Goal of the exercise – Which lines of the records hold the string "drawing"? Report only how many of them there are.

-- Input for this task follows --

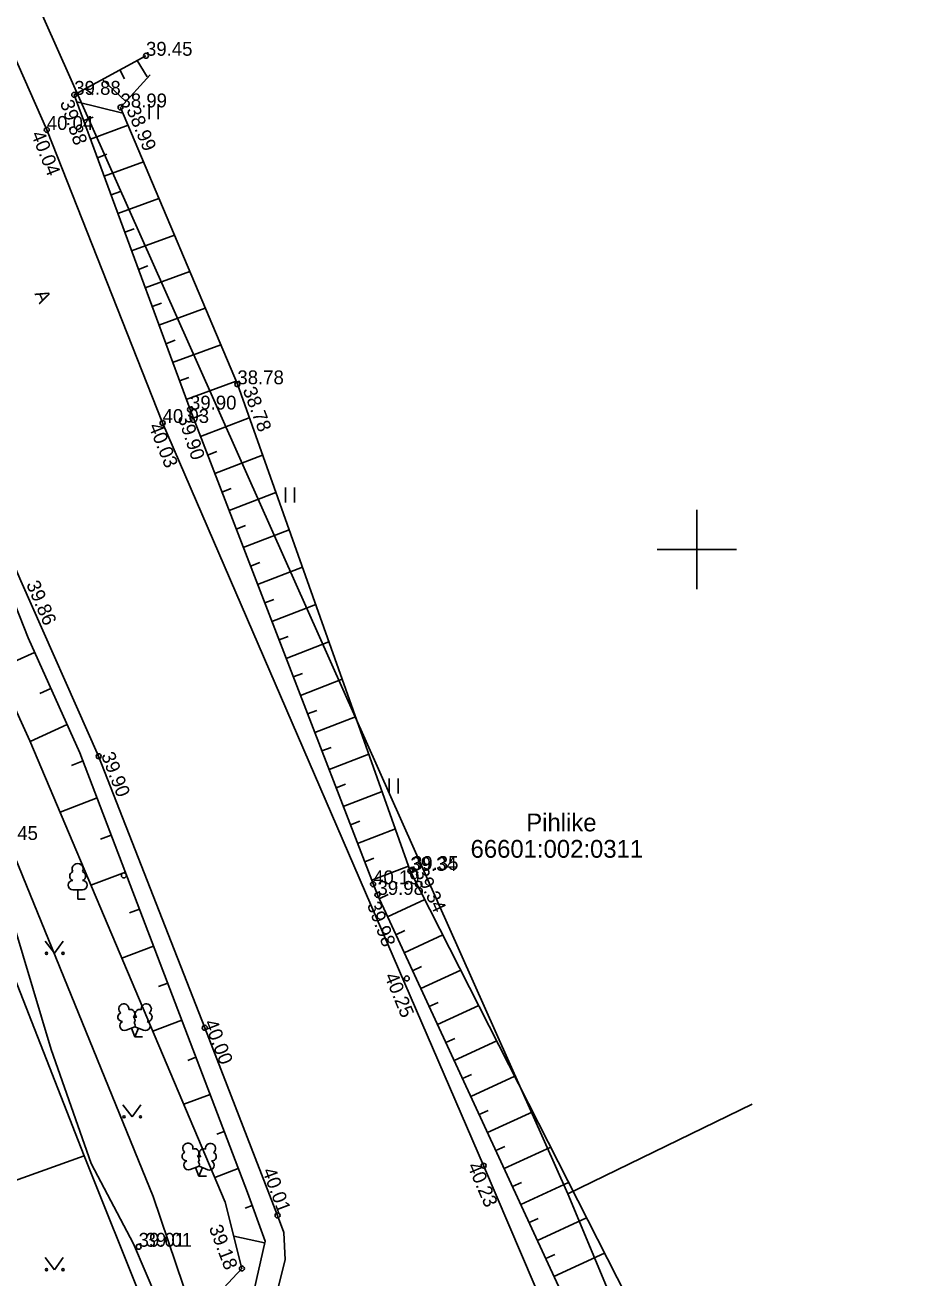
# Model space of a CAD drawing. Extents: x 627548 to 628052, y 6467984 to 6468802.
# Drawn here: x 627866.1 to 627911.6, y 6468313.2 to 6468376.5 of the extents above; entities that cross this region are included whole.
import ezdxf

# ---------------------------------------------------------------- set-up
doc = ezdxf.new("R2010")
doc.units = 0
for name, color, linetype in [('HALJASTUS', 7, 'Continuous'), ('KORGUS-EH2000', 7, 'Continuous'), ('MOOTKORG-EH2000', 7, 'Continuous'), ('MOOTMPUNKT', 7, 'Continuous'), ('PIIR', 7, 'Continuous'), ('PUU', 7, 'Continuous'), ('RELJEEF', 7, 'Continuous'), ('SITRASS', 7, 'Continuous'), ('TEE', 7, 'Continuous'), ('VORK', 7, 'Continuous')]:
    doc.layers.add(name, color=color, linetype=linetype)

msp = doc.modelspace()

# ---------------------------------------------------------------- linework, layer by layer
at = {"layer": 'HALJASTUS'}
for p, q in [((627872.396, 6468372.471), (627872.396, 6468371.71)), ((627872.851, 6468372.471), (627872.851, 6468371.71)), ((627879.264, 6468353.126), (627879.264, 6468352.365)), ((627879.719, 6468353.126), (627879.719, 6468352.365)), ((627884.496, 6468338.446), (627884.496, 6468337.685)), ((627884.951, 6468338.446), (627884.951, 6468337.685)), ((627867.159, 6468330.228), (627867.622, 6468329.621)), ((627867.622, 6468329.621), (627868.068, 6468330.228)), ((627871.068, 6468321.974), (627871.531, 6468321.368)), ((627871.531, 6468321.368), (627871.977, 6468321.974)), ((627867.159, 6468314.264), (627867.622, 6468313.657)), ((627867.622, 6468313.657), (627868.068, 6468314.264))]:
    msp.add_line(p, q, dxfattribs=at)
for centre in [(627867.221, 6468329.621), (627868.05, 6468329.621), (627871.13, 6468321.368), (627871.959, 6468321.368), (627867.221, 6468313.657), (627868.05, 6468313.657)]:
    msp.add_circle(centre, 0.055, dxfattribs=at)
at = {"layer": 'KORGUS-EH2000'}
for centre in [(627869.848, 6468339.563), (627871.121, 6468333.55), (627885.386, 6468328.351), (627875.198, 6468325.862), (627889.258, 6468318.908), (627878.868, 6468316.397), (627877.069, 6468313.719)]:
    msp.add_circle(centre, 0.125, dxfattribs=at)
at = {"layer": 'MOOTMPUNKT'}
for centre in [(627872.236, 6468374.908), (627868.619, 6468372.938), (627870.95, 6468372.302), (627867.233, 6468371.168), (627876.843, 6468358.333), (627874.455, 6468357.057), (627873.073, 6468356.381), (627885.562, 6468333.781), (627885.646, 6468333.827), (627883.686, 6468333.106), (627883.906, 6468332.57), (627871.865, 6468314.815)]:
    msp.add_circle(centre, 0.125, dxfattribs=at)
at = {"layer": 'PIIR'}
for p, q in [((627893.5, 6468317.49), (627836.88, 6468444.6)), ((627860.61, 6468341.12), (627869.12, 6468319.4)), ((627893.5, 6468317.49), (627902.801, 6468322.015)), ((627857.089, 6468315.074), (627869.12, 6468319.4)), ((627869.12, 6468319.4), (627897.87, 6468247.69)), ((627912.59, 6468271.79), (627893.5, 6468317.49))]:
    msp.add_line(p, q, dxfattribs=at)
at = {"layer": 'PUU'}
for p, q in [((627869.031, 6468332.824), (627868.551, 6468332.824)), ((627868.791, 6468332.349), (627868.791, 6468332.824)), ((627869.171, 6468332.349), (627868.791, 6468332.349)), ((627871.232, 6468325.741), (627871.677, 6468325.916)), ((627871.672, 6468325.406), (627871.497, 6468325.846)), ((627871.672, 6468325.406), (627871.852, 6468325.846)), ((627871.677, 6468325.916), (627872.117, 6468325.736)), ((627872.052, 6468325.406), (627871.672, 6468325.406)), ((627874.467, 6468318.708), (627874.912, 6468318.883)), ((627874.907, 6468318.373), (627874.732, 6468318.813)), ((627874.907, 6468318.373), (627875.087, 6468318.813)), ((627874.912, 6468318.883), (627875.352, 6468318.703)), ((627875.287, 6468318.373), (627874.907, 6468318.373))]:
    msp.add_line(p, q, dxfattribs=at)
for points in [[(627871.677, 6468326.411), (627871.657, 6468326.336), (627871.657, 6468326.316), (627871.667, 6468326.286), (627871.687, 6468326.251), (627871.692, 6468326.231), (627871.677, 6468326.196), (627871.652, 6468326.146), (627871.647, 6468326.121), (627871.652, 6468326.106), (627871.662, 6468326.076), (627871.697, 6468326.016), (627871.702, 6468325.996), (627871.697, 6468325.976), (627871.682, 6468325.941), (627871.677, 6468325.916)], [(627874.912, 6468319.378), (627874.892, 6468319.303), (627874.892, 6468319.283), (627874.902, 6468319.253), (627874.922, 6468319.218), (627874.927, 6468319.198), (627874.912, 6468319.163), (627874.887, 6468319.113), (627874.882, 6468319.088), (627874.887, 6468319.073), (627874.897, 6468319.043), (627874.932, 6468318.983), (627874.937, 6468318.963), (627874.932, 6468318.943), (627874.917, 6468318.908), (627874.912, 6468318.883)]]:
    msp.add_lwpolyline(points, dxfattribs=at)
for centre, radius, start, end in [((627868.791, 6468333.869), 0.277, 332.5799, 207.4201), ((627868.554, 6468333.061), 0.238, 90.0016, 269.3953), ((627868.621, 6468333.521), 0.233, 109.02174, 253.14154), ((627868.961, 6468333.521), 0.233, 286.85082, 70.98591), ((627869.029, 6468333.061), 0.238, 270.6047, 89.9984), ((627871.115, 6468326.82), 0.256, 111.50269, 232.51731), ((627871.115, 6468326.82), 0.256, 350.48556, 111.50017), ((627872.251, 6468326.811), 0.256, 67.6168, 188.63142), ((627872.251, 6468326.811), 0.256, 306.59966, 67.61428), ((627871.041, 6468326.409), 0.224, 111.43041, 274.49868), ((627871.45, 6468326.569), 0.224, 308.50412, 111.57247), ((627871.676, 6468326.173), 0.237, 66.76552, 111.50149), ((627871.913, 6468326.565), 0.225, 67.7016, 230.51262), ((627872.319, 6468326.399), 0.224, 264.6183, 67.68657), ((627871.146, 6468325.964), 0.237, 111.50143, 291.50036), ((627872.207, 6468325.956), 0.237, 247.61661, 67.61554), ((627874.35, 6468319.787), 0.256, 111.50269, 232.51731), ((627874.35, 6468319.787), 0.256, 350.48556, 111.50017), ((627875.486, 6468319.778), 0.256, 67.6168, 188.63142), ((627875.486, 6468319.778), 0.256, 306.59966, 67.61428), ((627874.276, 6468319.376), 0.224, 111.43041, 274.49868), ((627874.684, 6468319.537), 0.224, 308.50412, 111.57247), ((627874.911, 6468319.14), 0.237, 66.76552, 111.50149), ((627875.147, 6468319.532), 0.225, 67.7016, 230.51262), ((627875.553, 6468319.366), 0.224, 264.6183, 67.68657), ((627874.38, 6468318.931), 0.237, 111.50143, 291.50036), ((627875.442, 6468318.923), 0.237, 247.61661, 67.61554)]:
    msp.add_arc(centre, radius, start, end, dxfattribs=at)
at = {"layer": 'RELJEEF'}
for p, q in [((627871.797, 6468374.669), (627872.294, 6468373.841)), ((627870.041, 6468373.712), (627871.218, 6468372.596)), ((627870.919, 6468374.191), (627871.158, 6468373.751)), ((627869.162, 6468373.234), (627869.567, 6468372.96)), ((627868.751, 6468372.58), (627871.071, 6468372.015)), ((627869.095, 6468371.641), (627869.565, 6468371.814)), ((627869.44, 6468370.703), (627871.331, 6468371.398)), ((627869.785, 6468369.764), (627870.255, 6468369.937)), ((627870.13, 6468368.826), (627872.11, 6468369.553)), ((627870.475, 6468367.887), (627870.944, 6468368.059)), ((627870.82, 6468366.948), (627872.888, 6468367.708)), ((627871.165, 6468366.01), (627871.634, 6468366.182)), ((627871.51, 6468365.071), (627873.666, 6468365.863)), ((627871.855, 6468364.132), (627872.324, 6468364.305)), ((627872.2, 6468363.194), (627874.444, 6468364.019)), ((627872.545, 6468362.255), (627873.014, 6468362.428)), ((627872.89, 6468361.317), (627875.223, 6468362.174)), ((627873.235, 6468360.378), (627873.704, 6468360.55)), ((627873.58, 6468359.439), (627876.001, 6468360.329)), ((627873.924, 6468358.501), (627874.394, 6468358.673)), ((627874.269, 6468357.562), (627876.779, 6468358.484)), ((627874.621, 6468356.626), (627875.088, 6468356.806)), ((627874.981, 6468355.693), (627877.443, 6468356.643)), ((627875.341, 6468354.76), (627875.808, 6468354.94)), ((627875.702, 6468353.827), (627878.113, 6468354.758)), ((627876.062, 6468352.894), (627876.528, 6468353.074)), ((627876.422, 6468351.961), (627878.782, 6468352.872)), ((627876.782, 6468351.028), (627877.248, 6468351.209)), ((627877.142, 6468350.096), (627879.452, 6468350.987)), ((627877.502, 6468349.163), (627877.968, 6468349.343)), ((627877.862, 6468348.23), (627880.121, 6468349.102)), ((627878.222, 6468347.297), (627878.689, 6468347.477)), ((627878.582, 6468346.364), (627880.791, 6468347.216)), ((627878.942, 6468345.431), (627879.409, 6468345.611)), ((627879.302, 6468344.498), (627881.46, 6468345.331)), ((627866.62, 6468344.807), (627864.727, 6468343.953)), ((627879.662, 6468343.565), (627880.129, 6468343.745)), ((627880.022, 6468342.632), (627882.13, 6468343.446)), ((627867.442, 6468342.983), (627866.877, 6468342.729)), ((627880.382, 6468341.699), (627880.849, 6468341.879)), ((627880.743, 6468340.766), (627882.799, 6468341.56)), ((627868.264, 6468341.16), (627866.389, 6468340.315)), ((627881.103, 6468339.833), (627881.569, 6468340.013)), ((627881.463, 6468338.9), (627883.469, 6468339.675)), ((627869.062, 6468339.327), (627868.479, 6468339.105)), ((627881.823, 6468337.968), (627882.289, 6468338.148)), ((627882.183, 6468337.035), (627884.139, 6468337.789)), ((627869.774, 6468337.458), (627867.901, 6468336.745)), ((627882.543, 6468336.102), (627883.009, 6468336.282)), ((627882.903, 6468335.169), (627884.808, 6468335.904)), ((627870.485, 6468335.589), (627869.944, 6468335.382)), ((627883.263, 6468334.236), (627883.73, 6468334.416)), ((627883.623, 6468333.303), (627885.478, 6468334.019)), ((627871.197, 6468333.719), (627869.462, 6468333.059)), ((627883.996, 6468332.375), (627884.45, 6468332.585)), ((627884.415, 6468331.468), (627886.296, 6468332.337)), ((627871.909, 6468331.85), (627871.409, 6468331.66)), ((627884.835, 6468330.56), (627885.289, 6468330.77)), ((627872.62, 6468329.981), (627871.023, 6468329.373)), ((627885.255, 6468329.652), (627887.202, 6468330.552)), ((627885.674, 6468328.744), (627886.128, 6468328.954)), ((627886.094, 6468327.837), (627888.108, 6468328.768)), ((627873.332, 6468328.112), (627872.873, 6468327.938)), ((627886.513, 6468326.929), (627886.967, 6468327.139)), ((627886.933, 6468326.021), (627889.014, 6468326.983)), ((627874.044, 6468326.243), (627872.584, 6468325.687)), ((627887.352, 6468325.114), (627887.806, 6468325.323)), ((627887.772, 6468324.206), (627889.921, 6468325.199)), ((627874.756, 6468324.374), (627874.338, 6468324.215)), ((627888.191, 6468323.298), (627888.645, 6468323.508)), ((627888.611, 6468322.39), (627890.827, 6468323.415)), ((627875.467, 6468322.505), (627874.145, 6468322.001)), ((627889.03, 6468321.483), (627889.484, 6468321.692)), ((627889.45, 6468320.575), (627891.733, 6468321.63)), ((627876.179, 6468320.636), (627875.803, 6468320.493)), ((627889.87, 6468319.667), (627890.323, 6468319.877)), ((627890.289, 6468318.759), (627892.64, 6468319.846)), ((627876.891, 6468318.767), (627875.706, 6468318.316)), ((627890.709, 6468317.852), (627891.162, 6468318.061)), ((627891.128, 6468316.944), (627893.546, 6468318.061)), ((627877.59, 6468316.893), (627877.228, 6468316.763)), ((627891.548, 6468316.036), (627892.002, 6468316.246)), ((627891.967, 6468315.128), (627894.452, 6468316.277)), ((627878.219, 6468315.008), (627876.661, 6468315.355)), ((627892.387, 6468314.221), (627892.841, 6468314.43)), ((627892.806, 6468313.313), (627895.359, 6468314.493))]:
    msp.add_line(p, q, dxfattribs=at)
for points in [[(627798.462, 6468458.953), (627803.154, 6468462.558), (627806.385, 6468462.787), (627809.612, 6468460.426), (627831.39, 6468420.981), (627849.758, 6468382.754), (627863.845, 6468351.725), (627866.293, 6468345.533)], [(627872.236, 6468374.908), (627868.619, 6468372.938), (627874.455, 6468357.057), (627883.906, 6468332.57), (627893.555, 6468311.693), (627896.884, 6468302.582), (627898.609, 6468301.907), (627901.118, 6468302.536)], [(627872.45, 6468373.949), (627870.95, 6468372.302), (627876.843, 6468358.333), (627885.562, 6468333.781), (627896.498, 6468312.249), (627899.309, 6468303.257), (627900.953, 6468303.542)], [(627873.347, 6468309.45), (627873.83, 6468310.241), (627877.069, 6468313.719), (627876.234, 6468317.068), (627866.378, 6468340.34), (627864.296, 6468344.897), (627863.023, 6468347.157)], [(627873.346, 6468309.415), (627874.307, 6468309.823), (627877.573, 6468312.111), (627878.237, 6468315.09), (627877.354, 6468317.55), (627868.906, 6468339.736), (627866.293, 6468345.533)]]:
    msp.add_lwpolyline(points, dxfattribs=at)
at = {"layer": 'SITRASS'}
for points in [[(627895.041, 6468257.946), (627892.765, 6468263.751), (627885.861, 6468280.997), (627884.574, 6468284.991), (627881.355, 6468292.946), (627877.718, 6468303.187), (627876.72, 6468307.148), (627874.885, 6468310.594), (627872.6, 6468317.358), (627865.068, 6468335.844), (627862.702, 6468343.386), (627859.888, 6468348.841), (627858.632, 6468350.621)], [(627893.107, 6468260.449), (627888.841, 6468271.867), (627885.53, 6468279.764), (627882.135, 6468288.441), (627879.374, 6468296.292), (627875.722, 6468305.138), (627874.264, 6468308.557), (627873.961, 6468309.445), (627871.602, 6468314.968), (627869.468, 6468319.018), (627867.454, 6468324.77), (627864.183, 6468335.69), (627861.634, 6468344.011), (627861.623, 6468344.046)]]:
    msp.add_lwpolyline(points, dxfattribs=at)
at = {"layer": 'TEE'}
for points in [[(627773.875, 6468550.47), (627771.331, 6468547.778), (627770.184, 6468544.969), (627779.724, 6468530.382), (627790.194, 6468514.89), (627795.603, 6468506.268), (627810.358, 6468482.16), (627820.252, 6468465.61), (627824.787, 6468457.176), (627842.022, 6468424.68), (627853.219, 6468402.014), (627861.194, 6468384.862), (627867.233, 6468371.168), (627873.073, 6468356.381), (627889.258, 6468318.908), (627892.446, 6468311.434), (627896.87, 6468301.517), (627899.405, 6468301.54), (627901.626, 6468302.361)], [(627850.995, 6468383.192), (627865.917, 6468348.418), (627869.848, 6468339.563), (627875.198, 6468325.862), (627878.868, 6468316.397), (627879.191, 6468315.536), (627879.247, 6468314.16), (627878.907, 6468312.752), (627878.096, 6468311.241), (627877.224, 6468310.534), (627875.866, 6468309.978), (627867.479, 6468306.988), (627868.314, 6468303.013), (627877.023, 6468305.93), (627880.299, 6468306.759), (627882.65, 6468305.874), (627884.478, 6468303.721), (627886.739, 6468296.981), (627888.125, 6468293.223), (627886.174, 6468287.898), (627882.32, 6468286.813)]]:
    msp.add_lwpolyline(points, dxfattribs=at)
at = {"layer": 'VORK'}
for p, q in [((627900, 6468352), (627900, 6468348)), ((627898, 6468350), (627902, 6468350))]:
    msp.add_line(p, q, dxfattribs=at)

# ---------------------------------------------------------------- texts
at = {"layer": 'KORGUS-EH2000'}
for s, rotation, p in [('39.88', 288.524, (627867.891, 6468372.556)), ('38.99', 292.93617, (627871.233, 6468372.185)), ('40.04', 291.65975, (627866.432, 6468370.956)), ('38.78', 290.86808, (627877.102, 6468358.054)), ('39.90', 288.41739, (627873.825, 6468356.672)), ('40.03', 291.93734, (627872.354, 6468356.219)), (' 39.86', 293.46996, (627866.077, 6468348.487)), (' 39.90', 291.32977, (627869.866, 6468339.862)), ('39.34', 295.51928, (627885.764, 6468333.727)), ('39.98', 290.44161, (627883.371, 6468332.079)), (' 40.25', 292.29555, (627884.149, 6468328.715)), (' 40.00', 291.19352, (627875.053, 6468326.368)), (' 40.01', 290.56334, (627877.998, 6468318.896)), (' 40.23', 293.34756, (627888.323, 6468319.132)), (' 39.18', 290.91725, (627875.301, 6468316.015))]:
    msp.add_text(s, height=0.7, rotation=rotation, dxfattribs=at).set_placement(p)
for s, p in [(' 39.45', (627864.183, 6468335.34)), ('39.01', (627872.215, 6468314.815))]:
    msp.add_text(s, height=0.7, dxfattribs=at).set_placement(p)
at = {"layer": 'MOOTKORG-EH2000'}
for s, p in [('39.45', (627872.236, 6468374.908)), ('39.88', (627868.619, 6468372.938)), ('38.99', (627870.95, 6468372.302)), ('40.04', (627867.233, 6468371.168)), ('38.78', (627876.843, 6468358.333)), ('39.90', (627874.455, 6468357.057)), ('40.03', (627873.073, 6468356.381)), ('39.34', (627885.562, 6468333.781)), ('39.35', (627885.646, 6468333.827)), ('40.19', (627883.686, 6468333.106)), ('39.98', (627883.906, 6468332.57)), ('39.01', (627871.865, 6468314.815))]:
    msp.add_text(s, height=0.7, dxfattribs=at).set_placement(p)
at = {"layer": 'PIIR'}
for s, p in [('Pihlike', (627891.407, 6468335.773)), ('66601:002:0311', (627888.6, 6468334.442))]:
    msp.add_text(s, height=0.9, dxfattribs=at).set_placement(p)
at = {"layer": 'TEE'}
msp.add_text('A', height=0.7, rotation=295.08233, dxfattribs=at).set_placement((627866.601, 6468362.908))

doc.saveas('drawing.dxf')

-- Input for this task concluded --

Task answer – 2